DATA FOR REVIEW: Begin

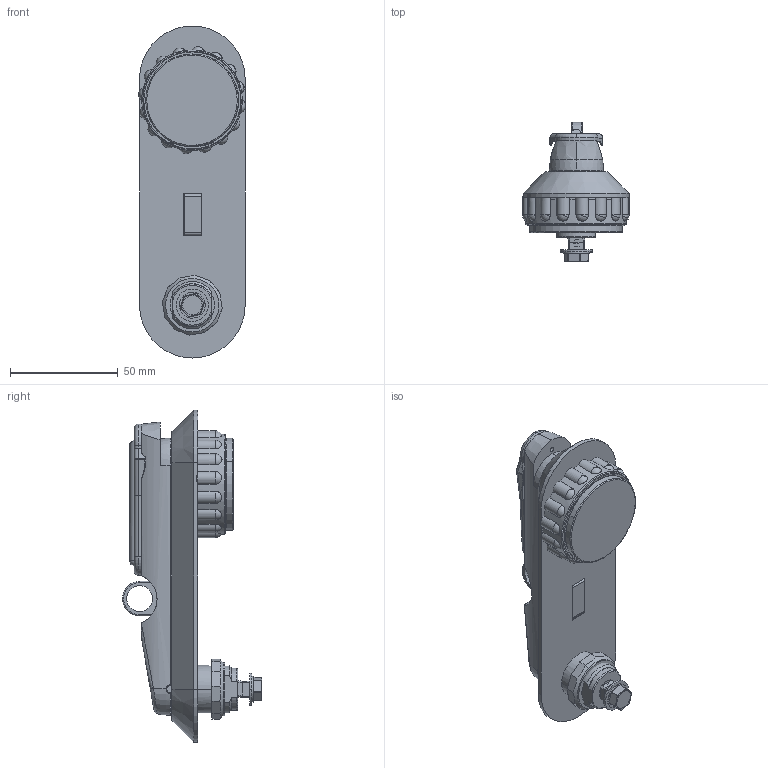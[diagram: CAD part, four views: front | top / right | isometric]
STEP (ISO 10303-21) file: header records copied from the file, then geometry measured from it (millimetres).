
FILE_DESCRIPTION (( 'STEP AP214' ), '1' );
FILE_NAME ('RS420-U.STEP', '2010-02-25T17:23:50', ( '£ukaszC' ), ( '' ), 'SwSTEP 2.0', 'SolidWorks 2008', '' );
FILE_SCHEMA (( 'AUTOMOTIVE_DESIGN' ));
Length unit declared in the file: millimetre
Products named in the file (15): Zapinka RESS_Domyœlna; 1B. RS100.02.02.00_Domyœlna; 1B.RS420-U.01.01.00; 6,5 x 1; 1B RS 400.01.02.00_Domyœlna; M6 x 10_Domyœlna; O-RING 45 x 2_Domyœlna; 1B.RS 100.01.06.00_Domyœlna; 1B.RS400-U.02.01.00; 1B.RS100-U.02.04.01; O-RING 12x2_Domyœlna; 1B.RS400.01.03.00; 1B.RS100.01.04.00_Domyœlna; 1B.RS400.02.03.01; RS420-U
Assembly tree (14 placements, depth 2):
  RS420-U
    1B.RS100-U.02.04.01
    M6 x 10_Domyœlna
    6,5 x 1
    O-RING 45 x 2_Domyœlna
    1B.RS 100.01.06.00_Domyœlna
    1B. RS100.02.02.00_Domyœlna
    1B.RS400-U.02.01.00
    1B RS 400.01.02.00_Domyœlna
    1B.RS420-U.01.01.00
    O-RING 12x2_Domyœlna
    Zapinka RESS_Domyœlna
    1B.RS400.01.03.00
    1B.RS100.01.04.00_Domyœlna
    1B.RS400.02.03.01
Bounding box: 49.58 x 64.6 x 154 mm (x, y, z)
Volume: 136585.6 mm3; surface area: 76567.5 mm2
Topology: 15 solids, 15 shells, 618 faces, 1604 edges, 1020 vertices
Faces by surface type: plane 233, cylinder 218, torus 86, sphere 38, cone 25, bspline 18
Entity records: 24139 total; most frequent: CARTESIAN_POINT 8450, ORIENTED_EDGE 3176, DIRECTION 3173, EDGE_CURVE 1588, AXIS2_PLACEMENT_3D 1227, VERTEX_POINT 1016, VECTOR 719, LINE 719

DATA FOR REVIEW: End

> _WHAT YOU WILL DO_: Tally every line of the data that holds the word "records" and write the count alone.

> _SOLUTION TO THIS TASK_: 2